In a discretionary trust it is not possible for a beneficiary to be presently entitled until the trustee makes a resolution as to which beneficiaries, if any, will receive a distribution from the trust.

3. Calculate taxable income and the tax loss for the income year

As a notional loss of one period cannot be offset against the notional taxable income of another period, you can potentially have both a taxable income and a tax loss for the same income year.

The taxable income for the year of change is worked out by adding up: (a) each notional taxable income; and (b) any full -year amounts (that is, amounts of assessable income not taken into account at Step 2), then subtracting any full-year deductions (that is, deductions not taken into account at Step 2). A notional loss is not taken into account when calculating taxable income, but counts towards the company's tax loss.

A company's tax loss for the loss year is the total of each notional loss and excess full-year deductions of particular kinds.

4. Carry forward any tax loss for the income year

You can carry forward any notional loss and offset it against net assessable income in a future income year, provided it then satisfies the COT and control test or, failing that, the SBT. As mentioned previously, regard should be had in the future income year to section 165-20 of the ITAA 1997 which may allow a deduction for a loss or part of a loss that was incurred during the period after the change in ownership.

Treatment of taxable income

You cannot offset any taxable income derived in the period before or after the change in ownership against any current year tax loss, or prior-year tax loss. You cannot offset any prior-year losses against current year taxable income because the usual test requirements have not been met.

Treatment of a tax loss

A tax loss incurred in the period before the change in ownership cannot be utilised in a later income year.

A tax loss incurred in the period after the change in ownership may be carried forward and utilised in a later income tax year, provided the usual test requirements as modified by section 165-20 of the ITAA 1997 are then met.
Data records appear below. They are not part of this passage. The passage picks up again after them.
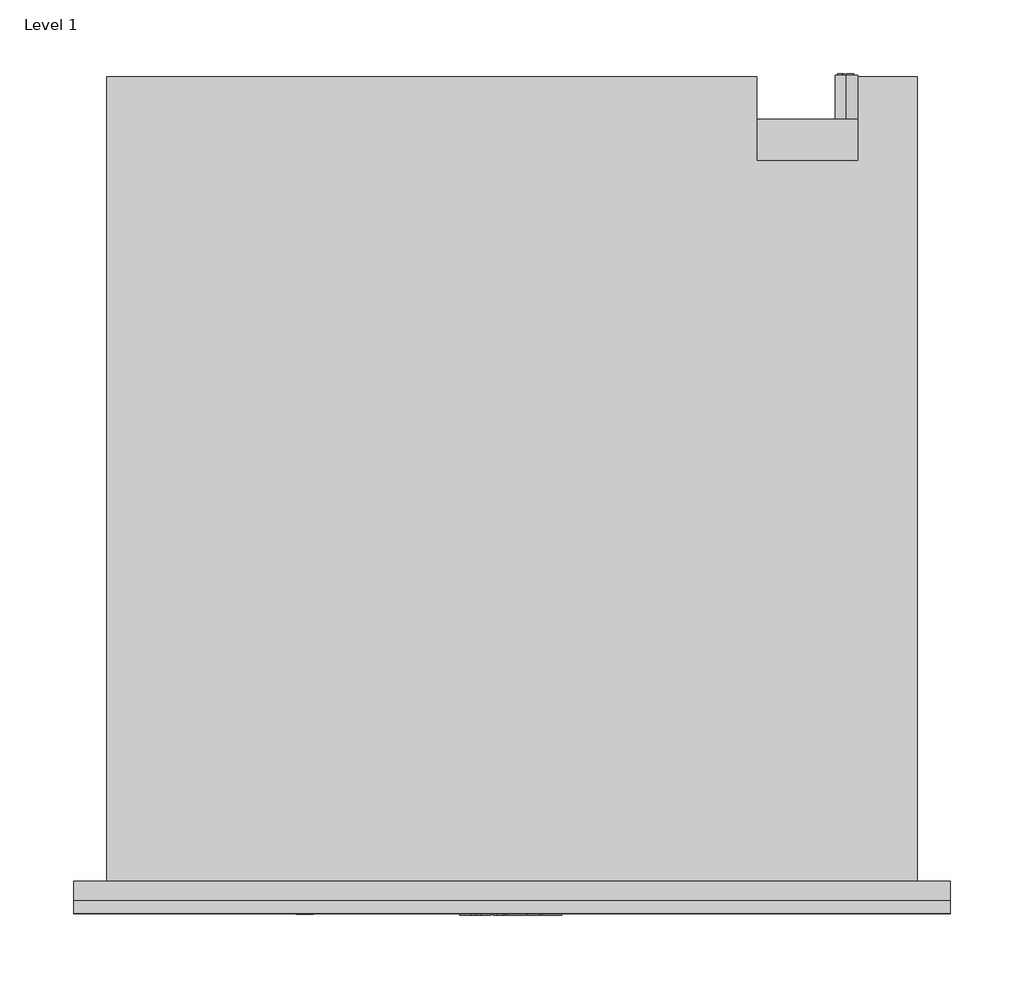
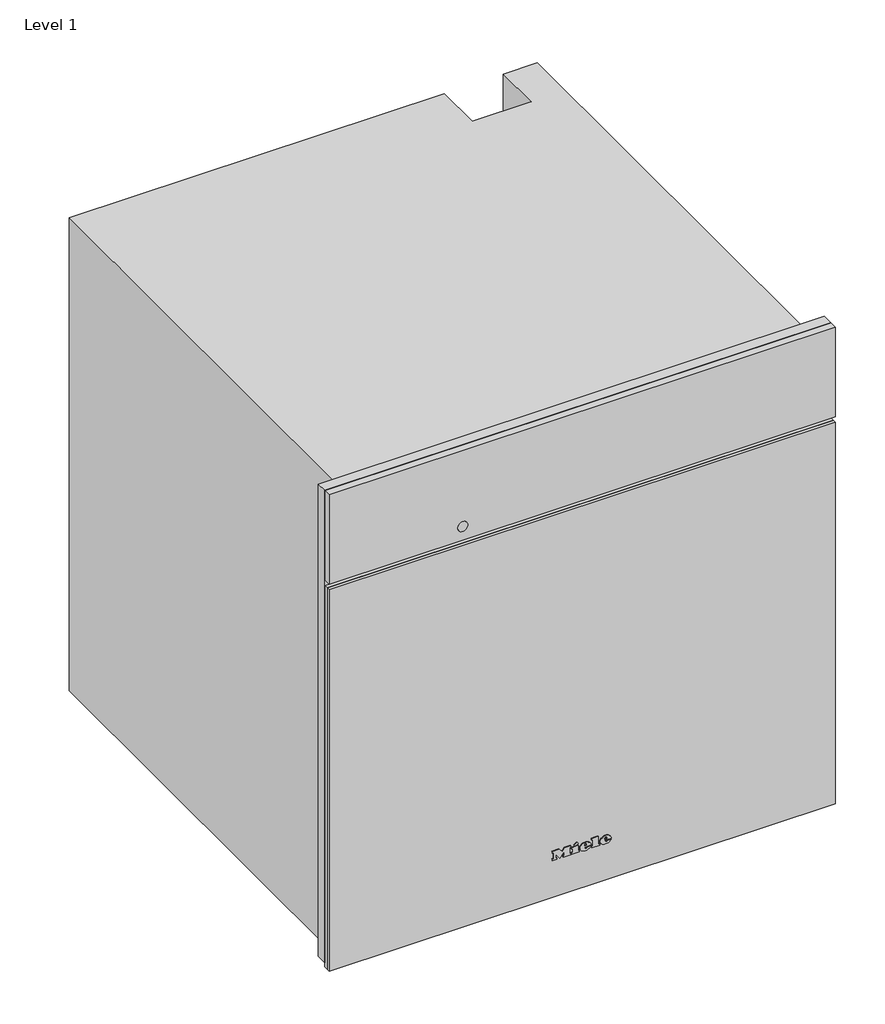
# One storey: 1 proxy.
"""IFC4 building model written with IfcOpenShell, lengths in millimetres."""

import ifcopenshell
import ifcopenshell.guid

model = None  # the IFC model being written
_history = None  # IfcOwnerHistory: only IFC2X3 demands one
_inside = {}  # id of a spatial element -> (the spatial element, [elements in it])
_under = {}  # id of a project, library or spatial element -> (it, [spatial elements below it])
_declared = {}  # id of a project -> (the project, [libraries it declares])
_typed = {}  # id of a type object -> (the type object, [elements of that type])
_made_of = {}  # id of a material, layer set ... -> (it, [elements and type objects made of it])


def new_model(schema):
    """Start an empty IFC model of exactly this schema.

    Asked for "IFC4X3", IfcOpenShell would pick the latest addendum, in which some entities
    have other attributes; the version numbers below select the first issue.
    IFC2X3 requires an IfcOwnerHistory on every rooted entity: one is made here for all.
    """
    global model, _history
    if schema == "IFC4X3":
        model = ifcopenshell.file(schema_version=(4, 3, 0, 0))
    else:
        model = ifcopenshell.file(schema=schema)
    _inside.clear()
    _under.clear()
    _declared.clear()
    _typed.clear()
    _made_of.clear()
    _history = None
    if model.schema == "IFC2X3":
        org = make("IfcOrganization", Name="unknown")
        user = make(
            "IfcPersonAndOrganization",
            ThePerson=make("IfcPerson", FamilyName="unknown"),
            TheOrganization=org,
        )
        app = make(
            "IfcApplication",
            ApplicationDeveloper=org,
            Version="unknown",
            ApplicationFullName="unknown",
            ApplicationIdentifier="unknown",
        )
        _history = make(
            "IfcOwnerHistory",
            OwningUser=user,
            OwningApplication=app,
            ChangeAction="ADDED",
            CreationDate=0,
        )
    return model


def make(cls, **values):
    """One entity of the class cls with the attributes given. An attribute that is None is left unset."""
    return model.create_entity(
        cls, **{name: value for name, value in values.items() if value is not None}
    )


def rooted(cls, **values):
    """An entity with a GlobalId (a new one), such as an element, a storey or a relation."""
    return make(cls, GlobalId=ifcopenshell.guid.new(), OwnerHistory=_history, **values)


def si_unit(unit_type, name, prefix=None):
    """IfcSIUnit, for example si_unit("LENGTHUNIT", "METRE", prefix="MILLI")."""
    return make("IfcSIUnit", UnitType=unit_type, Prefix=prefix, Name=name)


def assignment(units):
    """IfcUnitAssignment: the units of a project."""
    return None if units is None else make("IfcUnitAssignment", Units=units)


def point(xyz):
    """IfcCartesianPoint."""
    return None if xyz is None else make("IfcCartesianPoint", Coordinates=xyz)


def direction(xyz):
    """IfcDirection."""
    return None if xyz is None else make("IfcDirection", DirectionRatios=xyz)


def frame(location, z_axis=None, x_axis=None):
    """IfcAxis2Placement3D, a coordinate frame: its origin and axes. An axis left out is left unset."""
    return make(
        "IfcAxis2Placement3D",
        Location=point(location),
        Axis=direction(z_axis),
        RefDirection=direction(x_axis),
    )


def frame_2d(location, x_axis=None):
    """IfcAxis2Placement2D, a coordinate frame in the plane: its origin and x axis."""
    return make(
        "IfcAxis2Placement2D", Location=point(location), RefDirection=direction(x_axis)
    )


def origin():
    """The frame at (0, 0, 0) with its axes left unset."""
    return frame((0.0, 0.0, 0.0))


def place(relative_to, where):
    """IfcLocalPlacement: puts the frame where relative to a parent placement (None: the world)."""
    return make(
        "IfcLocalPlacement", PlacementRelTo=relative_to, RelativePlacement=where
    )


def context(
    kind, dimensions, precision=None, world=None, true_north=None, identifier=None
):
    """IfcGeometricRepresentationContext, for example the 3D "Model" context."""
    return make(
        "IfcGeometricRepresentationContext",
        ContextIdentifier=identifier,
        ContextType=kind,
        CoordinateSpaceDimension=dimensions,
        Precision=precision,
        WorldCoordinateSystem=world,
        TrueNorth=true_north,
    )


def project(units=None, contexts=None):
    """IfcProject with its units and contexts."""
    return rooted(
        "IfcProject",
        Name="project",
        RepresentationContexts=contexts,
        UnitsInContext=assignment(units),
    )


def spatial(cls, under=None, at=None, **own):
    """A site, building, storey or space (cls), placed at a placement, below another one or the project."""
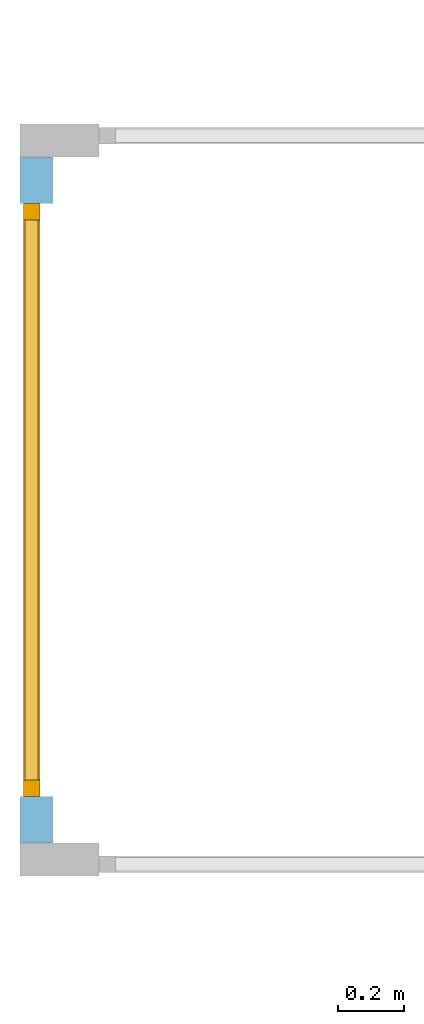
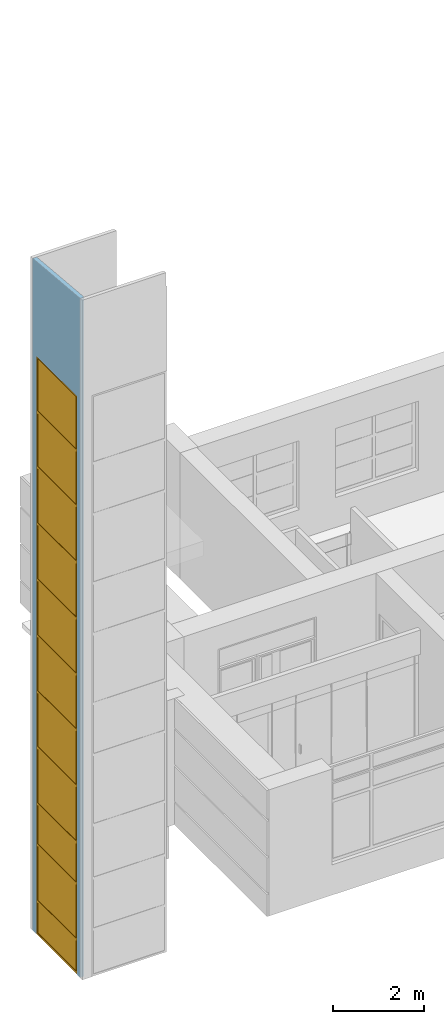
# One storey, part 60 of 66: 1 window, 2 openings, plus 1 element that does not belong to this part.
"""IFC2X3 building model written with IfcOpenShell, lengths in millimetres."""

from ifc_helpers import new_model, entity, si_unit, converted_unit, derived_unit, direction, frame, frame_2d, origin, origin_2d_with_axis, place, context, subcontext, project, spatial, rectangle, extrude, face_set, surface_model, source, transform, mapped, material, material_list, layer, layer_set, layer_usage, type_object, type_shapes, element, fill, save


model = new_model("IFC2X3")

# Units and contexts
model_context = context("Model", 3, precision=0.01, world=origin(), true_north=direction((6.12303176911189e-17, 1.0)))
body_context = subcontext(model_context, "Body", "Model", "MODEL_VIEW")
ifc_project = project(units=[si_unit("LENGTHUNIT", "METRE", prefix="MILLI"), si_unit("AREAUNIT", "SQUARE_METRE"), si_unit("VOLUMEUNIT", "CUBIC_METRE"), converted_unit("PLANEANGLEUNIT", "DEGREE", entity("IfcRatioMeasure", 0.0174532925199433), si_unit("PLANEANGLEUNIT", "RADIAN"), dimensions=[0, 0, 0, 0, 0, 0, 0]), si_unit("MASSUNIT", "GRAM", prefix="KILO"), derived_unit("MASSDENSITYUNIT", [(si_unit("MASSUNIT", "GRAM", prefix="KILO"), 1), (si_unit("LENGTHUNIT", "METRE"), -3)]), si_unit("TIMEUNIT", "SECOND"), si_unit("FREQUENCYUNIT", "HERTZ"), si_unit("THERMODYNAMICTEMPERATUREUNIT", "DEGREE_CELSIUS"), derived_unit("THERMALTRANSMITTANCEUNIT", [(si_unit("MASSUNIT", "GRAM", prefix="KILO"), 1), (si_unit("THERMODYNAMICTEMPERATUREUNIT", "KELVIN"), -1), (si_unit("TIMEUNIT", "SECOND"), -3)]), derived_unit("VOLUMETRICFLOWRATEUNIT", [(si_unit("LENGTHUNIT", "METRE"), 3), (si_unit("TIMEUNIT", "SECOND"), -1)]), si_unit("ELECTRICCURRENTUNIT", "AMPERE"), si_unit("ELECTRICVOLTAGEUNIT", "VOLT"), si_unit("POWERUNIT", "WATT"), si_unit("FORCEUNIT", "NEWTON", prefix="KILO"), si_unit("ILLUMINANCEUNIT", "LUX"), si_unit("LUMINOUSFLUXUNIT", "LUMEN"), si_unit("LUMINOUSINTENSITYUNIT", "CANDELA"), derived_unit("USERDEFINED", [(si_unit("MASSUNIT", "GRAM", prefix="KILO"), -1), (si_unit("LENGTHUNIT", "METRE"), -2), (si_unit("TIMEUNIT", "SECOND"), 3), (si_unit("LUMINOUSFLUXUNIT", "LUMEN"), 1)]), derived_unit("LINEARVELOCITYUNIT", [(si_unit("LENGTHUNIT", "METRE"), 1), (si_unit("TIMEUNIT", "SECOND"), -1)]), si_unit("PRESSUREUNIT", "PASCAL"), derived_unit("USERDEFINED", [(si_unit("LENGTHUNIT", "METRE"), -2), (si_unit("MASSUNIT", "GRAM", prefix="KILO"), 1), (si_unit("TIMEUNIT", "SECOND"), -2)])], contexts=[model_context])

# Site, building, storey
site_placement = place(None, frame((-151.875543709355, 2715.0, 0.0)))
site = spatial("IfcSite", under=ifc_project, at=site_placement, Name="Surface", CompositionType="ELEMENT")
building_placement = place(site_placement, origin())
building = spatial("IfcBuilding", under=site, at=building_placement, CompositionType="ELEMENT")
storey_placement = place(building_placement, frame((0.0, 0.0, 3350.0)))
storey = spatial("IfcBuildingStorey", under=building, at=storey_placement, Name="2 korrus", CompositionType="ELEMENT", Elevation=3350.00000000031)

# Wall, openings, window
ifc_material_1 = material(Name="Lifti sein_hall")
ifc_layer = layer(ifc_material_1, 100.0)
ifc_layer_set = layer_set([ifc_layer], Name="Basic Wall:ol.olev liftišahti sein")
ifc_layer_usage = layer_usage(ifc_layer_set, "AXIS2", "NEGATIVE", 50.0)
wall_type = type_object("IfcWallType", Name="Basic Wall:ol.olev liftišahti sein", PredefinedType="STANDARD", material=ifc_layer_set)
wall_placement = place(storey_placement, frame((-2550.1244545, 4171.05917364, -3350.0), z_axis=(0.0, 0.0, 1.0), x_axis=(0.0, 1.0, 0.0)))
wall = element("IfcWallStandardCase", 1, at=wall_placement, inside=storey, type_object=wall_type, material=ifc_layer_usage, Name="SEIN - 007", ObjectType="Basic Wall:ol.olev liftišahti sein", context=body_context, shape_type="SweptSolid", body=[
    extrude(rectangle(XDim=2080.0, YDim=100.0, at=frame_2d((1040.0, 0.0), x_axis=(-1.0, 0.0))), origin(), (0.0, 0.0, 1.0), 18210.4917651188),
])
opening_1_placement = place(wall_placement, origin())
element("IfcOpeningElement", 2, at=opening_1_placement, cuts=wall, Name="SEIN - 007", ObjectType="Opening", context=body_context, shape_type="SweptSolid", body=[
    extrude(rectangle(XDim=18768.2745218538, YDim=37536.5490437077, at=origin_2d_with_axis()), frame((3502.83210505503, -18768.2745218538, 27316.8831500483), z_axis=(0.0, 1.0, 0.0), x_axis=(-0.0897936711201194, 0.0, -0.995960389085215)), (0.0, 0.0, 1.0), 37536.5490437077),
])
opening_2_placement = place(wall_placement, frame((-4171.05917364, -2550.1244545, 3350.0), z_axis=(0.0, 0.0, 1.0), x_axis=(0.0, -1.0, 0.0)))
opening_2 = element("IfcOpeningElement", 3, at=opening_2_placement, cuts=wall, Name="SEIN - 007", ObjectType="Opening", context=body_context, shape_type="SweptSolid", body=[
    extrude(rectangle(XDim=15500.0, YDim=1800.0, at=origin_2d_with_axis()), frame((-2398.2244545, 5211.05917364, 4400.0), z_axis=(-1.0, 0.0, 0.0), x_axis=(0.0, 0.0, -1.0)), (0.0, 0.0, 1.0), 303.0),
])
ifc_material_2 = material(Name="Paint - Dark Gray")
ifc_material_3 = material(Name="Glass - Clear Fast")
ifc_material_list_1 = material_list([ifc_material_2, ifc_material_3])
ifc_material_list_2 = material_list([ifc_material_2, ifc_material_3])
window_style = type_object("IfcWindowStyle", Name="AKEN - 003", ConstructionType="NOTDEFINED", OperationType="NOTDEFINED", ParameterTakesPrecedence=False, Sizeable=False, material=ifc_material_list_2)
shared_shape = source(origin(), body_context, "Body", "SurfaceModel", [
    surface_model("IfcFaceBasedSurfaceModel", [(50.0, 111.1, 15450.0), (50.0, 161.1, 15450.0), (0.0, 161.1, 15450.0), (0.0, 111.1, 15450.0), (50.0, 111.1, 50.0), (50.0, 161.1, 50.0), (50.0, 161.1, 15450.0), (50.0, 111.1, 15450.0), (50.0, 161.1, 15450.0), (50.0, 161.1, 50.0), (0.0, 161.1, 50.0), (0.0, 161.1, 15450.0), (0.0, 111.1, 15450.0), (0.0, 161.1, 15450.0), (0.0, 161.1, 50.0), (0.0, 111.1, 50.0), (50.0, 111.1, 15450.0), (0.0, 111.1, 15450.0), (0.0, 111.1, 50.0), (50.0, 111.1, 50.0), (0.0, 111.1, 50.0), (0.0, 161.1, 50.0), (50.0, 161.1, 50.0), (50.0, 111.1, 50.0), (1750.0, 111.1, 50.0), (1750.0, 161.1, 50.0), (1800.0, 161.1, 50.0), (1800.0, 111.1, 50.0), (1750.0, 111.1, 15450.0), (1750.0, 161.1, 15450.0), (1750.0, 161.1, 50.0), (1750.0, 111.1, 50.0), (1750.0, 161.1, 50.0), (1750.0, 161.1, 15450.0), (1800.0, 161.1, 15450.0), (1800.0, 161.1, 50.0), (1800.0, 111.1, 50.0), (1800.0, 161.1, 50.0), (1800.0, 161.1, 15450.0), (1800.0, 111.1, 15450.0), (1750.0, 111.1, 50.0), (1800.0, 111.1, 50.0), (1800.0, 111.1, 15450.0), (1750.0, 111.1, 15450.0), (1800.0, 111.1, 15450.0), (1800.0, 161.1, 15450.0), (1750.0, 161.1, 15450.0), (1750.0, 111.1, 15450.0), (50.0, 111.1, 50.0), (50.0, 161.1, 50.0), (0.0, 161.1, 50.0), (0.0, 111.1, 50.0), (1750.0, 111.1, 50.0), (1750.0, 161.1, 50.0), (50.0, 161.1, 50.0), (50.0, 111.1, 50.0), (50.0, 161.1, 50.0), (1750.0, 161.1, 50.0), (1800.0, 161.1, 50.0), (1800.0, 161.1, 0.0), (0.0, 161.1, 0.0), (0.0, 161.1, 50.0), (0.0, 111.1, 50.0), (0.0, 161.1, 50.0), (0.0, 161.1, 0.0), (0.0, 111.1, 0.0), (50.0, 111.1, 50.0), (0.0, 111.1, 50.0), (0.0, 111.1, 0.0), (1800.0, 111.1, 0.0), (1800.0, 111.1, 50.0), (1750.0, 111.1, 50.0), (1800.0, 111.1, 50.0), (1800.0, 161.1, 50.0), (1750.0, 161.1, 50.0), (1750.0, 111.1, 50.0), (1800.0, 111.1, 0.0), (1800.0, 161.1, 0.0), (1800.0, 161.1, 50.0), (1800.0, 111.1, 50.0), (0.0, 111.1, 0.0), (0.0, 161.1, 0.0), (1800.0, 161.1, 0.0), (1800.0, 111.1, 0.0), (1750.0, 111.1, 15450.0), (1750.0, 161.1, 15450.0), (1800.0, 161.1, 15450.0), (1800.0, 111.1, 15450.0), (50.0, 111.1, 15450.0), (50.0, 161.1, 15450.0), (1750.0, 161.1, 15450.0), (1750.0, 111.1, 15450.0), (1750.0, 161.1, 15450.0), (50.0, 161.1, 15450.0), (0.0, 161.1, 15450.0), (0.0, 161.1, 15500.0), (1800.0, 161.1, 15500.0), (1800.0, 161.1, 15450.0), (1800.0, 111.1, 15450.0), (1800.0, 161.1, 15450.0), (1800.0, 161.1, 15500.0), (1800.0, 111.1, 15500.0), (1750.0, 111.1, 15450.0), (1800.0, 111.1, 15450.0), (1800.0, 111.1, 15500.0), (0.0, 111.1, 15500.0), (0.0, 111.1, 15450.0), (50.0, 111.1, 15450.0), (0.0, 111.1, 15450.0), (0.0, 161.1, 15450.0), (50.0, 161.1, 15450.0), (50.0, 111.1, 15450.0), (0.0, 111.1, 15500.0), (0.0, 161.1, 15500.0), (0.0, 161.1, 15450.0), (0.0, 111.1, 15450.0), (1800.0, 111.1, 15500.0), (1800.0, 161.1, 15500.0), (0.0, 161.1, 15500.0), (0.0, 111.1, 15500.0), (50.0, 116.1, 855.89345932), (50.0, 156.1, 855.89345932), (1750.0, 156.1, 855.89345932), (1750.0, 116.1, 855.89345932), (50.0, 116.1, 925.89345932), (50.0, 156.1, 925.89345932), (50.0, 156.1, 855.89345932), (50.0, 116.1, 855.89345932), (50.0, 156.1, 855.89345932), (50.0, 156.1, 925.89345932), (1750.0, 156.1, 925.89345932), (1750.0, 156.1, 855.89345932), (1750.0, 116.1, 855.89345932), (1750.0, 156.1, 855.89345932), (1750.0, 156.1, 925.89345932), (1750.0, 116.1, 925.89345932), (50.0, 116.1, 855.89345932), (1750.0, 116.1, 855.89345932), (1750.0, 116.1, 925.89345932), (50.0, 116.1, 925.89345932), (1750.0, 116.1, 925.89345932), (1750.0, 156.1, 925.89345932), (50.0, 156.1, 925.89345932), (50.0, 116.1, 925.89345932), (50.0, 116.1, 2364.45363998), (50.0, 156.1, 2364.45363998), (1750.0, 156.1, 2364.45363998), (1750.0, 116.1, 2364.45363998), (50.0, 116.1, 2434.45363998), (50.0, 156.1, 2434.45363998), (50.0, 156.1, 2364.45363998), (50.0, 116.1, 2364.45363998), (50.0, 156.1, 2364.45363998), (50.0, 156.1, 2434.45363998), (1750.0, 156.1, 2434.45363998), (1750.0, 156.1, 2364.45363998), (1750.0, 116.1, 2364.45363998), (1750.0, 156.1, 2364.45363998), (1750.0, 156.1, 2434.45363998), (1750.0, 116.1, 2434.45363998), (50.0, 116.1, 2364.45363998), (1750.0, 116.1, 2364.45363998), (1750.0, 116.1, 2434.45363998), (50.0, 116.1, 2434.45363998), (1750.0, 116.1, 2434.45363998), (1750.0, 156.1, 2434.45363998), (50.0, 156.1, 2434.45363998), (50.0, 116.1, 2434.45363998), (50.0, 116.1, 3466.07717514), (50.0, 156.1, 3466.07717514), (1750.0, 156.1, 3466.07717514), (1750.0, 116.1, 3466.07717514), (50.0, 116.1, 3536.07717514), (50.0, 156.1, 3536.07717514), (50.0, 156.1, 3466.07717514), (50.0, 116.1, 3466.07717514), (50.0, 156.1, 3466.07717514), (50.0, 156.1, 3536.07717514), (1750.0, 156.1, 3536.07717514), (1750.0, 156.1, 3466.07717514), (1750.0, 116.1, 3466.07717514), (1750.0, 156.1, 3466.07717514), (1750.0, 156.1, 3536.07717514), (1750.0, 116.1, 3536.07717514), (50.0, 116.1, 3466.07717514), (1750.0, 116.1, 3466.07717514), (1750.0, 116.1, 3536.07717514), (50.0, 116.1, 3536.07717514), (1750.0, 116.1, 3536.07717514), (1750.0, 156.1, 3536.07717514), (50.0, 156.1, 3536.07717514), (50.0, 116.1, 3536.07717514), (50.0, 116.1, 4973.35581583), (50.0, 156.1, 4973.35581583), (1750.0, 156.1, 4973.35581583), (1750.0, 116.1, 4973.35581583), (50.0, 116.1, 5043.35581583), (50.0, 156.1, 5043.35581583), (50.0, 156.1, 4973.35581583), (50.0, 116.1, 4973.35581583), (50.0, 156.1, 4973.35581583), (50.0, 156.1, 5043.35581583), (1750.0, 156.1, 5043.35581583), (1750.0, 156.1, 4973.35581583), (1750.0, 116.1, 4973.35581583), (1750.0, 156.1, 4973.35581583), (1750.0, 156.1, 5043.35581583), (1750.0, 116.1, 5043.35581583), (50.0, 116.1, 4973.35581583), (1750.0, 116.1, 4973.35581583), (1750.0, 116.1, 5043.35581583), (50.0, 116.1, 5043.35581583), (1750.0, 116.1, 5043.35581583), (1750.0, 156.1, 5043.35581583), (50.0, 156.1, 5043.35581583), (50.0, 116.1, 5043.35581583), (50.0, 116.1, 6472.03090717), (50.0, 156.1, 6472.03090717), (1750.0, 156.1, 6472.03090717), (1750.0, 116.1, 6472.03090717), (50.0, 116.1, 6542.03090717), (50.0, 156.1, 6542.03090717), (50.0, 156.1, 6472.03090717), (50.0, 116.1, 6472.03090717), (50.0, 156.1, 6472.03090717), (50.0, 156.1, 6542.03090717), (1750.0, 156.1, 6542.03090717), (1750.0, 156.1, 6472.03090717), (1750.0, 116.1, 6472.03090717), (1750.0, 156.1, 6472.03090717), (1750.0, 156.1, 6542.03090717), (1750.0, 116.1, 6542.03090717), (50.0, 116.1, 6472.03090717), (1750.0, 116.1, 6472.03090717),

For those expenses that are spread over a number of income years (for example depreciation costs) these are to be allocated on a proportional basis across the periods.

Current situation

In this case, the company does not satisfy the continuity of ownership test or the same business test. Therefore, the rules contained in subdivision 165-B of the ITAA 1997 apply.

In applying the rules of section 165-45 of the ITAA 1997, the company’s first period is from 1 July 2017 to XX/XX/2017 and the second period is from XX/XX/2017 to 30 June 2018.

In calculating the assessable income of the company it is not considered that trading income from Trust B can be reasonably attributed to the above two periods.

Although Trust B may have derived the income throughout the year, the company, as beneficiary of a discretionary trust cannot be said to have derived their distribution throughout the year. The company was not presently entitled to a trust distribution during the 2017-18 income year prior to the trustee of Trust B distributing income to the company at the end of the income year. Such a distribution is regarded as a full year amount.